Selsouli was, thankfully, not in the Olympics. But Tatyana Tomashova toed the line in the 1500m final on Friday. The Russian placed runner-up to Kelly Holmes in the 2004 Olympic 1500m final and has won two world titles at 1500m, but she had all her results from 2007 and 2008 annulled for attempted tampering of a drugs sample and returned from a ban in April last year.
Hopefully the medallists from Friday’s final in London are clean, but if any positive tests emerge, then Tomashova will step on to the podium as she finished fourth in the race behind the Turkish runners and third-placed Maryam Yusuf Jamal of Bahrain.
British athletes Lisa Dobriskey and Laura Weightman brought up the back of the field in the final. Yet rather than maintain an honourable silence, Dobriskey spoke her mind on the matter.
She told BBC Radio 5 Live: “I’ll probably get into trouble for saying this but I don’t believe I’m competing on a level playing field.”
Dobriskey has experienced heartbreak in the past when she finished fourth in the 1500m at the 2010 European Championships behind French silver medallist Hind Dehiba, who was arrested in 2007 when vials of human growth hormone were found in her luggage at an airport.
Dehiba, who was subsequently banned for two years after testing positive for the banned blood-booster EPO, was just one of three runners in the 2010 European final who had served doping suspensions.
More recently it emerged that Ukraine’s Nataliya Tobias – who finished one place ahead of Dobriskey to take bronze at the 2008 Games – tested positive at last year’s World Championships.
It is a depressing scenario to consider and it follows in the footsteps of a men’s 1500m final at the London Olympics that was diplomatically described by TV commentators and writers as “surprising”. Taoufik Makhloufi of Algeria has come from virtually nowhere in 2012 to win the men’s metric mile title, with considerable ease.

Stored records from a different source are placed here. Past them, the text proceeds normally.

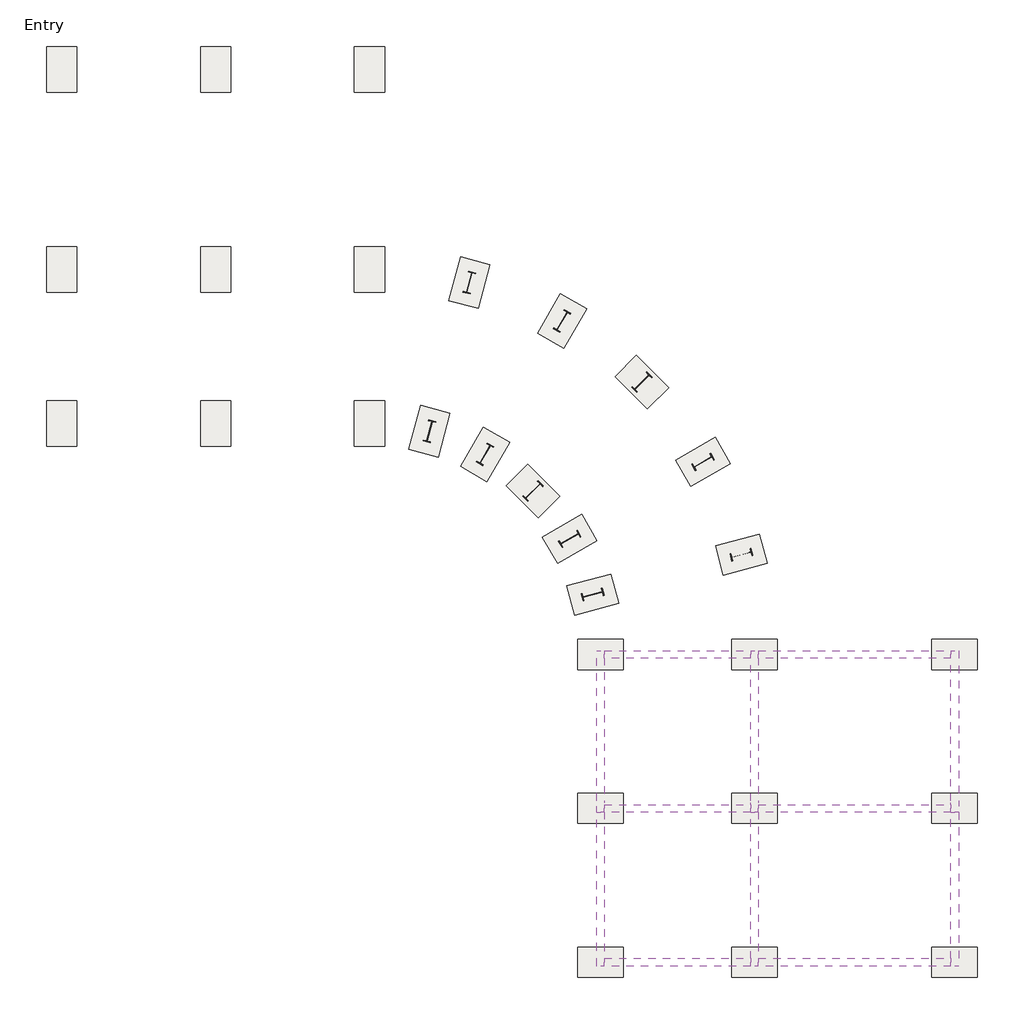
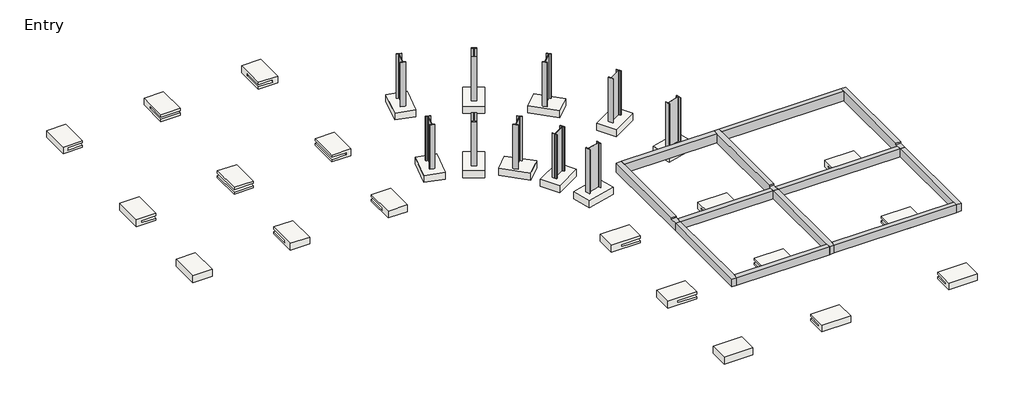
# One storey: 28 slabs, 12 beams, 10 columns.
"""IFC4 building model written with IfcOpenShell, lengths in millimetres."""

import ifcopenshell
import ifcopenshell.guid

model = None  # the IFC model being written
_history = None  # IfcOwnerHistory: only IFC2X3 demands one
_inside = {}  # id of a spatial element -> (the spatial element, [elements in it])
_under = {}  # id of a project, library or spatial element -> (it, [spatial elements below it])
_declared = {}  # id of a project -> (the project, [libraries it declares])
_typed = {}  # id of a type object -> (the type object, [elements of that type])
_made_of = {}  # id of a material, layer set ... -> (it, [elements and type objects made of it])


def new_model(schema):
    """Start an empty IFC model of exactly this schema.

    Asked for "IFC4X3", IfcOpenShell would pick the latest addendum, in which some entities
    have other attributes; the version numbers below select the first issue.
    IFC2X3 requires an IfcOwnerHistory on every rooted entity: one is made here for all.
    """
    global model, _history
    if schema == "IFC4X3":
        model = ifcopenshell.file(schema_version=(4, 3, 0, 0))
    else:
        model = ifcopenshell.file(schema=schema)
    _inside.clear()
    _under.clear()
    _declared.clear()
    _typed.clear()
    _made_of.clear()
    _history = None
    if model.schema == "IFC2X3":
        org = make("IfcOrganization", Name="unknown")
        user = make(
            "IfcPersonAndOrganization",
            ThePerson=make("IfcPerson", FamilyName="unknown"),
            TheOrganization=org,
        )
        app = make(
            "IfcApplication",
            ApplicationDeveloper=org,
            Version="unknown",
            ApplicationFullName="unknown",
            ApplicationIdentifier="unknown",
        )
        _history = make(
            "IfcOwnerHistory",
            OwningUser=user,
            OwningApplication=app,
            ChangeAction="ADDED",
            CreationDate=0,
        )
    return model


def make(cls, **values):
    """One entity of the class cls with the attributes given. An attribute that is None is left unset."""
    return model.create_entity(
        cls, **{name: value for name, value in values.items() if value is not None}
    )


def rooted(cls, **values):
    """An entity with a GlobalId (a new one), such as an element, a storey or a relation."""
    return make(cls, GlobalId=ifcopenshell.guid.new(), OwnerHistory=_history, **values)


def si_unit(unit_type, name, prefix=None):
    """IfcSIUnit, for example si_unit("LENGTHUNIT", "METRE", prefix="MILLI")."""
    return make("IfcSIUnit", UnitType=unit_type, Prefix=prefix, Name=name)


def assignment(units):
    """IfcUnitAssignment: the units of a project."""
    return None if units is None else make("IfcUnitAssignment", Units=units)


def point(xyz):
    """IfcCartesianPoint."""
    return None if xyz is None else make("IfcCartesianPoint", Coordinates=xyz)


def direction(xyz):
    """IfcDirection."""
    return None if xyz is None else make("IfcDirection", DirectionRatios=xyz)


def frame(location, z_axis=None, x_axis=None):
    """IfcAxis2Placement3D, a coordinate frame: its origin and axes. An axis left out is left unset."""
    return make(
        "IfcAxis2Placement3D",
        Location=point(location),
        Axis=direction(z_axis),
        RefDirection=direction(x_axis),
    )


def frame_2d(location, x_axis=None):
    """IfcAxis2Placement2D, a coordinate frame in the plane: its origin and x axis."""
    return make(
        "IfcAxis2Placement2D", Location=point(location), RefDirection=direction(x_axis)
    )


def origin():
    """The frame at (0, 0, 0) with its axes left unset."""
    return frame((0.0, 0.0, 0.0))


def origin_with_axes():
    """The frame at (0, 0, 0) with the z axis (0, 0, 1) and the x axis (1, 0, 0) written out."""
    return frame((0.0, 0.0, 0.0), z_axis=(0.0, 0.0, 1.0), x_axis=(1.0, 0.0, 0.0))


def place(relative_to, where):
    """IfcLocalPlacement: puts the frame where relative to a parent placement (None: the world)."""
    return make(
        "IfcLocalPlacement", PlacementRelTo=relative_to, RelativePlacement=where
    )


def context(
    kind, dimensions, precision=None, world=None, true_north=None, identifier=None
):
    """IfcGeometricRepresentationContext, for example the 3D "Model" context."""
    return make(
        "IfcGeometricRepresentationContext",
        ContextIdentifier=identifier,
        ContextType=kind,
        CoordinateSpaceDimension=dimensions,
        Precision=precision,
        WorldCoordinateSystem=world,
        TrueNorth=true_north,
    )


def project(units=None, contexts=None):
    """IfcProject with its units and contexts."""
    return rooted(
        "IfcProject",
        Name="project",
        RepresentationContexts=contexts,
        UnitsInContext=assignment(units),
    )


def spatial(cls, under=None, at=None, **own):
    """A site, building, storey or space (cls), placed at a placement, below another one or the project."""
    s = rooted(cls, ObjectPlacement=at, **own)
    if under is not None:
        _under.setdefault(under.id(), (under, []))[1].append(s)
    return s


def polyline(points):
    """IfcPolyline through the points."""
    return make("IfcPolyline", Points=[point(p) for p in points])


def circle_curve(where, radius):
    """IfcCircle in the frame where."""
    return make("IfcCircle", Position=where, Radius=radius)


def trimmed(basis, trim1, trim2, sense, master):
    """IfcTrimmedCurve: the piece of a basis curve between two trims."""
    return make(
        "IfcTrimmedCurve",
        BasisCurve=basis,
        Trim1=trim1,
        Trim2=trim2,
        SenseAgreement=sense,
        MasterRepresentation=master,
    )


def segment(curve, same_sense, transition):
    """IfcCompositeCurveSegment."""
    return make(
        "IfcCompositeCurveSegment",
        Transition=transition,
        SameSense=same_sense,
        ParentCurve=curve,
    )


def composite_curve(segments, self_intersect=None):
    """IfcCompositeCurve: segments joined end to end."""
    return make("IfcCompositeCurve", Segments=segments, SelfIntersect=self_intersect)


def outline(outer, holes=None, kind="AREA"):
    """IfcArbitraryClosedProfileDef: a profile drawn as a closed curve; with holes, ...WithVoids."""
    if holes is None:
        return make("IfcArbitraryClosedProfileDef", ProfileType=kind, OuterCurve=outer)
    return make(
        "IfcArbitraryProfileDefWithVoids",
        ProfileType=kind,
        OuterCurve=outer,
        InnerCurves=holes,
    )


def extrude(swept, where, along, depth):
    """IfcExtrudedAreaSolid: the profile swept, set in the frame where, extruded along a direction by depth."""
    return make(
        "IfcExtrudedAreaSolid",
        SweptArea=swept,
        Position=where,
        ExtrudedDirection=direction(along),
        Depth=depth,
    )


def faces_of(points, faces, orient=None, outer=None):
    """IfcFace entities. A face is a list of loops; a loop is a list of indices into points, from 0.

    orient and outer hold one flag for each loop. By default every Orientation is true, the
    first loop of a face is its IfcFaceOuterBound and the others are IfcFaceBound.
    """
    made = []
    for i, loops in enumerate(faces):
        bounds = []
        for j, loop in enumerate(loops):
            is_outer = j == 0 if outer is None else outer[i][j]
            bounds.append(
                make(
                    "IfcFaceOuterBound" if is_outer else "IfcFaceBound",
                    Bound=make("IfcPolyLoop", Polygon=[points[k] for k in loop]),
                    Orientation=True if orient is None else orient[i][j],
                )
            )
        made.append(make("IfcFace", Bounds=bounds))
    return made


def faceted_brep(points, faces, orient=None, outer=None, voids=None):
    """IfcFacetedBrep: a solid bounded by flat faces; with voids (closed shells), ...WithVoids."""
    shared = [point(p) for p in points]
    hull = make("IfcClosedShell", CfsFaces=faces_of(shared, faces, orient, outer))
    if voids is None:
        return make("IfcFacetedBrep", Outer=hull)
    return make(
        "IfcFacetedBrepWithVoids",
        Outer=hull,
        Voids=[
            make(cls, CfsFaces=faces_of(shared, fs, o, b)) for cls, fs, o, b in voids
        ],
    )


def shape(context_of_items, identifier, shape_type, items):
    """IfcShapeRepresentation: the items that make up one representation, for example the "Body"."""
    return make(
        "IfcShapeRepresentation",
        ContextOfItems=context_of_items,
        RepresentationIdentifier=identifier,
        RepresentationType=shape_type,
        Items=items,
    )


def source(mapping_origin, context_of_items, identifier, shape_type, items):
    """IfcRepresentationMap: a shape defined once, which mapped items show again and again."""
    return make(
        "IfcRepresentationMap",
        MappingOrigin=mapping_origin,
        MappedRepresentation=shape(context_of_items, identifier, shape_type, items),
    )


def transform(
    local_origin,
    x_axis=None,
    y_axis=None,
    z_axis=None,
    scale=None,
    scale2=None,
    scale3=None,
    uniform=True,
):
    """IfcCartesianTransformationOperator3D, or its non-uniform kind. x_axis, y_axis, z_axis: its Axis1, 2, 3."""
    if uniform:
        return make(
            "IfcCartesianTransformationOperator3D",
            Axis1=direction(x_axis),
            Axis2=direction(y_axis),
            LocalOrigin=point(local_origin),
            Scale=scale,
            Axis3=direction(z_axis),
        )
    return make(
        "IfcCartesianTransformationOperator3DnonUniform",
        Axis1=direction(x_axis),
        Axis2=direction(y_axis),
        LocalOrigin=point(local_origin),
        Scale=scale,
        Axis3=direction(z_axis),
        Scale2=scale2,
        Scale3=scale3,
    )


def mapped(mapping_source, mapping_target):
    """IfcMappedItem: shows the shape of a source again, moved by a transform."""
    return make(
        "IfcMappedItem", MappingSource=mapping_source, MappingTarget=mapping_target
    )


def made_of(thing, what):
    """Note that an element or type object is made of a material, layer set ...; save() writes the relation."""
    if what is not None:
        _made_of.setdefault(what.id(), (what, []))[1].append(thing)
    return thing


def element(
    cls,
    number,
    at=None,
    inside=None,
    cuts=None,
    type_object=None,
    material=None,
    context=None,
    identifier="Body",
    shape_type=None,
    held_by="IfcProductDefinitionShape",
    body=None,
    shapes=None,
    **own,
):
    """One element of the class cls, such as IfcWall. Its Tag is "e" and its number.

    at: its placement. inside: the storey or other place that contains it. cuts: it is an
    opening in that element (IfcRelVoidsElement). A single representation is given by context,
    identifier, shape_type and body (its items); several are given by shapes. held_by: the class
    of the entity that holds the representations. save() writes the other relations.
    """
    e = rooted(cls, Tag="e%d" % number, ObjectPlacement=at, **own)
    if body is not None:
        shapes = [shape(context, identifier, shape_type, body)]
    if shapes is not None:
        e.Representation = make(held_by, Representations=shapes)
    if inside is not None:
        _inside.setdefault(inside.id(), (inside, []))[1].append(e)
    if cuts is not None:
        rooted(
            "IfcRelVoidsElement", RelatingBuildingElement=cuts, RelatedOpeningElement=e
        )
    if type_object is not None:
        _typed.setdefault(type_object.id(), (type_object, []))[1].append(e)
    return made_of(e, material)


def aggregate(whole, parts):
    """IfcRelAggregates: a whole, such as a stair, and the parts it consists of."""
    return rooted("IfcRelAggregates", RelatingObject=whole, RelatedObjects=parts)


def save(model, path):
    """Write the relations noted so far, then the file.

    IfcRelAggregates (storeys below a building ...), IfcRelContainedInSpatialStructure (elements
    in a storey), IfcRelDefinesByType, IfcRelAssociatesMaterial and IfcRelDeclares: one each for
    every whole, place, type object, material and project.
    """
    for whole, parts in _under.values():
        aggregate(whole, parts)
    for where, things in _inside.values():
        rooted(
            "IfcRelContainedInSpatialStructure",
            RelatedElements=things,
            RelatingStructure=where,
        )
    for kind, things in _typed.values():
        rooted("IfcRelDefinesByType", RelatedObjects=things, RelatingType=kind)
    for what, things in _made_of.values():
        rooted("IfcRelAssociatesMaterial", RelatedObjects=things, RelatingMaterial=what)
    for by, libraries in _declared.values():
        rooted("IfcRelDeclares", RelatingContext=by, RelatedDefinitions=libraries)
    model.write(path)


def w840x251_85c665ee(model_context):
    return source(origin(), model_context, "Body", "SweptSolid", [
        extrude(outline(composite_curve([segment(polyline([(146.0, 429.5), (146.0, 398.5), (26.3, 398.5)]), True, "CONTINUOUS"), segment(trimmed(circle_curve(frame_2d((26.3, 380.7)), 17.8), [point((26.3, 398.5))], [point((8.5, 380.7))], True, "CARTESIAN"), True, "CONTINUOUS"), segment(polyline([(8.5, 380.7), (8.5, -380.7)]), True, "CONTINUOUS"), segment(trimmed(circle_curve(frame_2d((26.3, -380.7)), 17.8), [point((8.5, -380.7))], [point((26.3, -398.5))], True, "CARTESIAN"), True, "CONTINUOUS"), segment(polyline([(26.3, -398.5), (146.0, -398.5), (146.0, -429.5), (-146.0, -429.5), (-146.0, -398.5), (-26.3, -398.5)]), True, "CONTINUOUS"), segment(trimmed(circle_curve(frame_2d((-26.3, -380.7)), 17.8), [point((-26.3, -398.5))], [point((-8.5, -380.7))], True, "CARTESIAN"), True, "CONTINUOUS"), segment(polyline([(-8.5, -380.7), (-8.5, 380.7)]), True, "CONTINUOUS"), segment(trimmed(circle_curve(frame_2d((-26.3, 380.7)), 17.8), [point((-8.5, 380.7))], [point((-26.3, 398.5))], True, "CARTESIAN"), True, "CONTINUOUS"), segment(polyline([(-26.3, 398.5), (-146.0, 398.5), (-146.0, 429.5), (146.0, 429.5)]), True, "CONTINUOUS")], self_intersect=False)), origin_with_axes(), (0.0, 0.0, 1.0), 2921.0),
    ])


def m_footing_rectangular_1800_x_1200_x_450mm_16ba7ea5(model_context):
    return source(origin(), model_context, "Body", "SweptSolid", [
        extrude(outline(polyline([(600.0, 900.0), (600.0, -900.0), (-600.0, -900.0), (-600.0, 900.0), (600.0, 900.0)])), frame((0.0, 0.0, -450.0), z_axis=(0.0, 0.0, 1.0), x_axis=(1.0, 0.0, 0.0)), (0.0, 0.0, 1.0), 450.0),
    ])


model = new_model("IFC4")

# Units and contexts
model_context = context("Model", 3, world=origin())
ifc_project = project(units=[si_unit("LENGTHUNIT", "METRE", prefix="MILLI")], contexts=[model_context])

# Site, building, storey
site = spatial("IfcSite", under=ifc_project)
building = spatial("IfcBuilding", under=site)
storey = spatial("IfcBuildingStorey", under=building, Name="Entry", Elevation=0.0)

# Beams
placement = place(None, origin())
element("IfcBeam", 1, ObjectType="M_Concrete-Rectangular Beam : 300 x 600mm", at=placement, inside=storey, context=model_context, shape_type="Brep", body=[
    faceted_brep([(9373.9532044, -11766.3595363, 3048.0), (9073.9532044, -11766.3595363, 3048.0), (9073.9532044, -12066.3595363, 3048.0), (9073.9532044, -17712.3595363, 3048.0), (9373.9532044, -17712.3595363, 3048.0), (9373.9532044, -11766.3595363, 2448.0), (9373.9532044, -17712.3595363, 2958.0), (9373.9532044, -18162.3595363, 2958.0), (9373.9532044, -18162.3595363, 2448.0), (9073.9532044, -11766.3595363, 2448.0), (9073.9532044, -18162.3595363, 2448.0), (9073.9532044, -17862.3595363, 2448.0), (9073.9532044, -12066.3595363, 2448.0), (9073.9532044, -18162.3595363, 2958.0), (9073.9532044, -17862.3595363, 2958.0), (9073.9532044, -17712.3595363, 2958.0)], [[[0, 1, 2, 3, 4]], [[5, 0, 4, 6, 7, 8]], [[9, 5, 8, 10, 11, 12]], [[1, 9, 12, 11, 10, 13, 14, 15, 3, 2]], [[6, 15, 14, 13, 7]], [[15, 6, 4, 3]], [[1, 0, 5, 9]], [[10, 8, 7, 13]]]),
])
element("IfcBeam", 2, ObjectType="M_Concrete-Rectangular Beam : 300 x 600mm", at=placement, inside=storey, context=model_context, shape_type="Brep", body=[
    faceted_brep([(9373.9532044, -24258.3595363, 2448.0), (9373.9532044, -18162.3595363, 2448.0), (9373.9532044, -18162.3595363, 2958.0), (9373.9532044, -24258.3595363, 2958.0), (9073.9532044, -24258.3595363, 2448.0), (9073.9532044, -23958.3595363, 2448.0), (9073.9532044, -18162.3595363, 2448.0), (9073.9532044, -24258.3595363, 2958.0), (9073.9532044, -23958.3595363, 2958.0), (9073.9532044, -18162.3595363, 2958.0)], [[[0, 1, 2, 3]], [[0, 4, 5, 6, 1]], [[6, 5, 4, 7, 8, 9]], [[3, 2, 9, 8, 7]], [[4, 0, 3, 7]], [[1, 6, 9, 2]]]),
])
element("IfcBeam", 3, ObjectType="M_Concrete-Rectangular Beam : 300 x 600mm", at=placement, inside=storey, context=model_context, shape_type="Brep", body=[
    faceted_brep([(1448.9532044, -11766.3595363, 3048.0), (1148.9532044, -11766.3595363, 3048.0), (1148.9532044, -12066.3595363, 3048.0), (1148.9532044, -17712.3595363, 3048.0), (1448.9532044, -17712.3595363, 3048.0), (1448.9532044, -12066.3595363, 3048.0), (1448.9532044, -11766.3595363, 2448.0), (1448.9532044, -17712.3595363, 2958.0), (1448.9532044, -17862.3595363, 2958.0), (1448.9532044, -18162.3595363, 2958.0), (1448.9532044, -18162.3595363, 2448.0), (1448.9532044, -17862.3595363, 2448.0), (1448.9532044, -12066.3595363, 2448.0), (1148.9532044, -11766.3595363, 2448.0), (1148.9532044, -18162.3595363, 2448.0), (1148.9532044, -17862.3595363, 2448.0), (1148.9532044, -12066.3595363, 2448.0), (1148.9532044, -18162.3595363, 2958.0), (1148.9532044, -17862.3595363, 2958.0), (1148.9532044, -17712.3595363, 2958.0)], [[[0, 1, 2, 3, 4, 5]], [[6, 0, 5, 4, 7, 8, 9, 10, 11, 12]], [[13, 6, 12, 11, 10, 14, 15, 16]], [[1, 13, 16, 15, 14, 17, 18, 19, 3, 2]], [[7, 19, 18, 17, 9, 8]], [[19, 7, 4, 3]], [[1, 0, 6, 13]], [[14, 10, 9, 17]]]),
])
element("IfcBeam", 4, ObjectType="M_Concrete-Rectangular Beam : 300 x 600mm", at=placement, inside=storey, context=model_context, shape_type="Brep", body=[
    faceted_brep([(1448.9532044, -24258.3595363, 2448.0), (1448.9532044, -23958.3595363, 2448.0), (1448.9532044, -18162.3595363, 2448.0), (1448.9532044, -18162.3595363, 2958.0), (1448.9532044, -23958.3595363, 2958.0), (1448.9532044, -24258.3595363, 2958.0), (1148.9532044, -24258.3595363, 2448.0), (1148.9532044, -23958.3595363, 2448.0), (1148.9532044, -18162.3595363, 2448.0), (1148.9532044, -24258.3595363, 2958.0), (1148.9532044, -23958.3595363, 2958.0), (1148.9532044, -18162.3595363, 2958.0)], [[[0, 1, 2, 3, 4, 5]], [[0, 6, 7, 8, 2, 1]], [[8, 7, 6, 9, 10, 11]], [[5, 4, 3, 11, 10, 9]], [[6, 0, 5, 9]], [[2, 8, 11, 3]]]),
])
element("IfcBeam", 5, ObjectType="M_Concrete-Rectangular Beam : 300 x 600mm", at=placement, inside=storey, context=model_context, shape_type="Brep", body=[
    faceted_brep([(-4647.0467956, -11766.3595363, 3048.0), (-4947.0467956, -11766.3595363, 3048.0), (-4947.0467956, -17712.3595363, 3048.0), (-4647.0467956, -17712.3595363, 3048.0), (-4647.0467956, -12066.3595363, 3048.0), (-4647.0467956, -11766.3595363, 2448.0), (-4647.0467956, -17712.3595363, 2958.0), (-4647.0467956, -17862.3595363, 2958.0), (-4647.0467956, -18162.3595363, 2958.0), (-4647.0467956, -18162.3595363, 2448.0), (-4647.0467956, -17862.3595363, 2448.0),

Like the Turkish athletes in the women’s 1500m, he has not failed a test, but when previously unknown athletes win with such ease it is only natural that ex-athletes and observers are left scratching their heads. And of course his victory follows that of Rashid Ramzi, the Moroccan-Bahraini athlete, who finished first in the 2008 Olympic 1500m final but was later banned for doping and had his result annulled.
There was a moment after the men’s 1500m final in London when the BBC cameras span around to show Seb Coe and Sir Roger Bannister – and one can only wonder what the two legends of the mile were thinking. This has been a magnificent Olympic Games, but it’s fair to say the 1500m races aren’t exactly the highlight for many.